Shared Virtual Memory: Its Design and Performance Implications for Diverse Applications
Bennett Cooper, Thomas R. W. Scogland, Rong Ge
TL;DR
The paper investigates AMD's Shared Virtual Memory (SVM) and its interaction with Linux HMM, revealing a range-based memory management design that enables on-demand migrations but can cause severe thrashing when GPU memory is oversubscribed. It employs fine-grained profiling, SystemTap instrumentation, and application case studies to quantify UM management overhead, migration/eviction dynamics, and fault behavior, identifying critical bottlenecks and application-dependent patterns. A key finding is that aggressive prefetching paired with a range-based eviction policy amplifies costs under oversubscription, but SVM-aware algorithms (e.g., reordering computations) and driver adjustments can yield substantial performance gains, sometimes by orders of magnitude. The work provides practical guidance for AMD-based HPC systems and lays a foundation for future driver and algorithm optimizations, including potential extensions to newer architectures like MI300 and broader memory allocation schemes.
Abstract
Discrete GPU accelerators, while providing massive computing power for supercomputers and data centers, have their separate memory domain. Explicit memory management across device and host domains in programming is tedious and error-prone. To improve programming portability and productivity, Unified Memory (UM) integrates GPU memory into the host virtual memory systems, and provides transparent data migration between them and GPU memory oversubscription. Nevertheless, current UM technologies cause significant performance loss for applications. With AMD GPUs increasingly being integrated into the world's leading supercomputers, it is necessary to understand their Shared Virtual Memory (SVM) and mitigate the performance impacts.
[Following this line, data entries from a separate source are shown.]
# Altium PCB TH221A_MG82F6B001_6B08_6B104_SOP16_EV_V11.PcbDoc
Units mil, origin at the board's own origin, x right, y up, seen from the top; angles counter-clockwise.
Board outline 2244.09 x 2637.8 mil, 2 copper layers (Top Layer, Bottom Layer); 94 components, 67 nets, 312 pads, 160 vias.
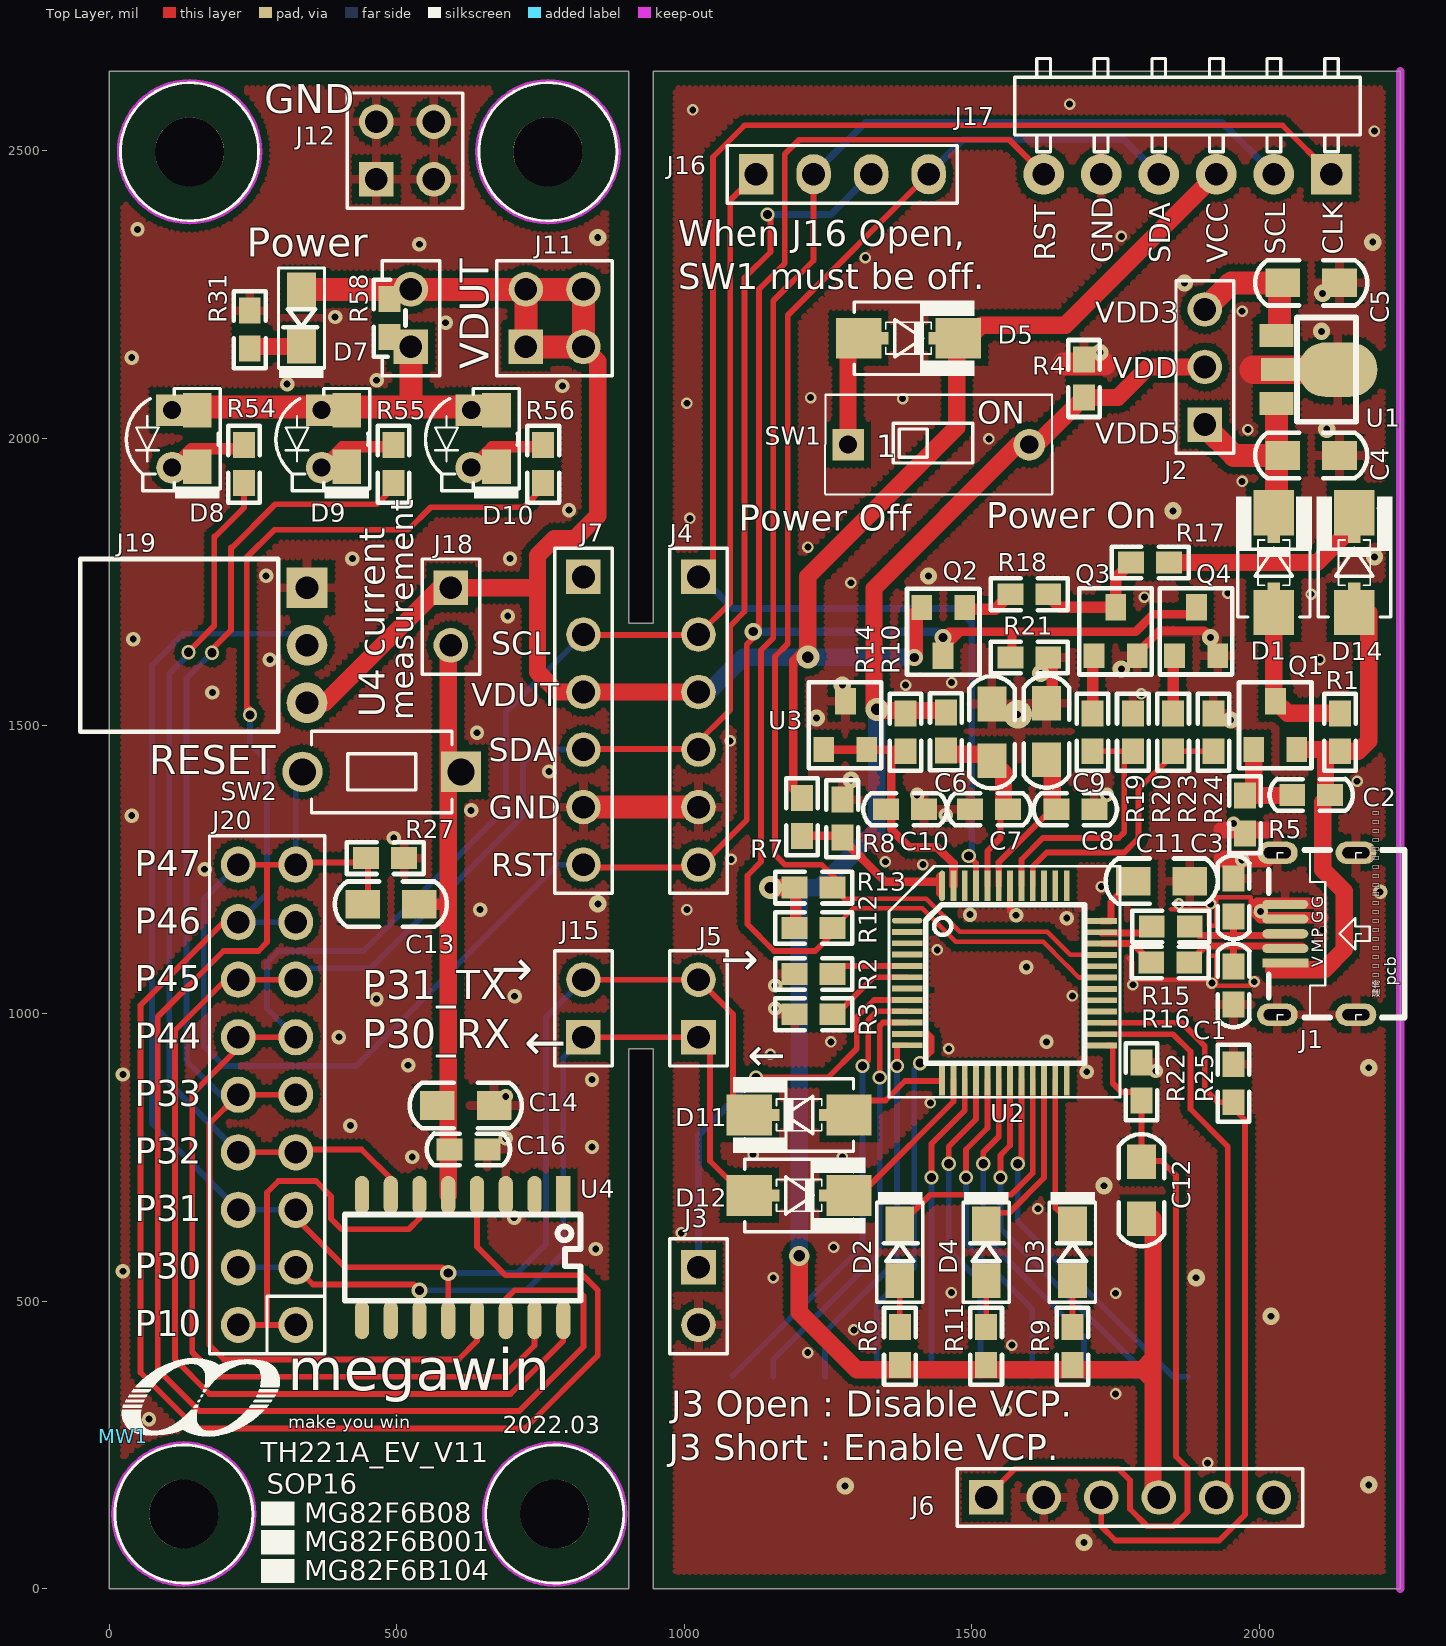
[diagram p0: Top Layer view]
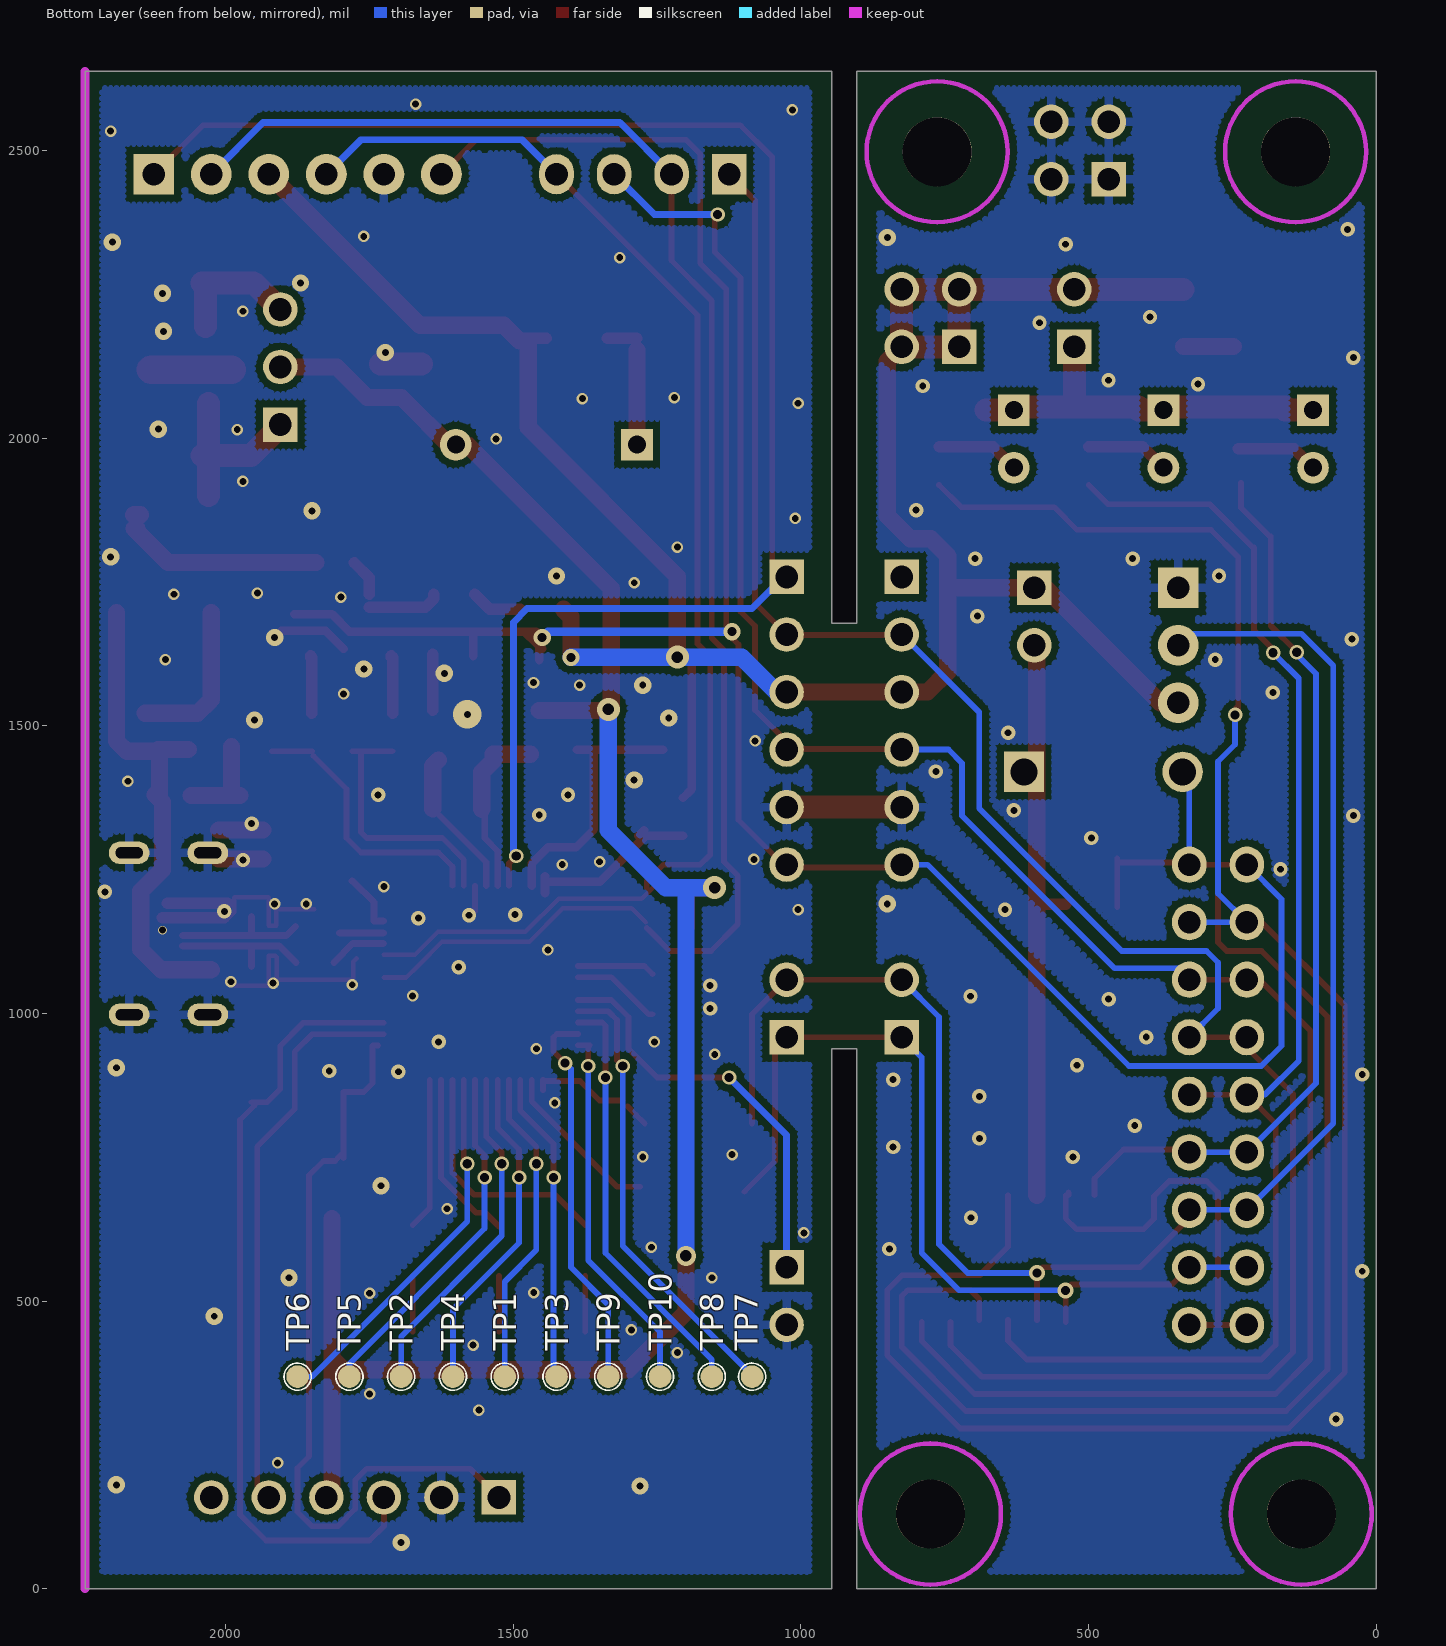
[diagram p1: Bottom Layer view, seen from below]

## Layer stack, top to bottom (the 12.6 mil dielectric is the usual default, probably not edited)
Top Layer: signal copper 1.4
Dielectric: dielectric 12.6, FR-4, Dk 4.8
Bottom Layer: signal copper 1.4

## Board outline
0,0 0,2637.8 902.99,2637.8 902.99,1678.74 946.3,1678.74 946.3,2637.8 2244.09,2637.8 2244.09,0 946.3,0 946.3,938.74 902.99,938.74 902.99,0

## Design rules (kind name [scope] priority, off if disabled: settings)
Clearance 12 [All] p1 off: gap=12
Clearance 7 [All] p2 off: gap=7
Clearance 6 [All] p3: gap=6
HoleSize 500-HoleSize [All] p1: absolutevalues=TRUE maxlimit=1500 minlimit=1 maxpercent=80.000 minpercent=20.000
PolygonConnect VIA [ISVIA] p1: connectstyle=Direct reliefconductorwidth=10 reliefentries=4 polygonreliefangle="90 Angle"
PolygonConnect "15 PolygonConnect" [All] p2: connectstyle=Relief reliefconductorwidth=15 reliefentries=4 polygonreliefangle="90 Angle"
RoomDefinition 2_MG82F6B001_6B08_6B104_V11 [InComponentClass('2_MG82F6B001_6B08_6B104_V11')] p1: confinementstyle=ConfineIn formatcopy=TRUE lockcomponents=FALSE outline -320,-225 2540,-225 2540,2735 -320,2735
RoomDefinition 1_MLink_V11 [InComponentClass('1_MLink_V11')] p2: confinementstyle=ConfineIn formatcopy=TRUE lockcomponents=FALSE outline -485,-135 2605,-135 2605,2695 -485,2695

In this work, we delve into the SVM design, examine its interactions with applications' data accesses at fine granularity, and quantitatively analyze its performance effects on various applications and identify the performance bottlenecks. Our research reveals that SVM employs an aggressive prefetching strategy for demand paging. This prefetching is efficient when GPU memory is not oversubscribed. However, in tandem with the eviction policy, it causes excessive thrashing and performance degradation for certain applications under oversubscription. We discuss SVM-aware algorithms and SVM design changes to mitigate the performance impacts. To the best of our knowledge, this work is the first in-depth and comprehensive study for SVM technologies.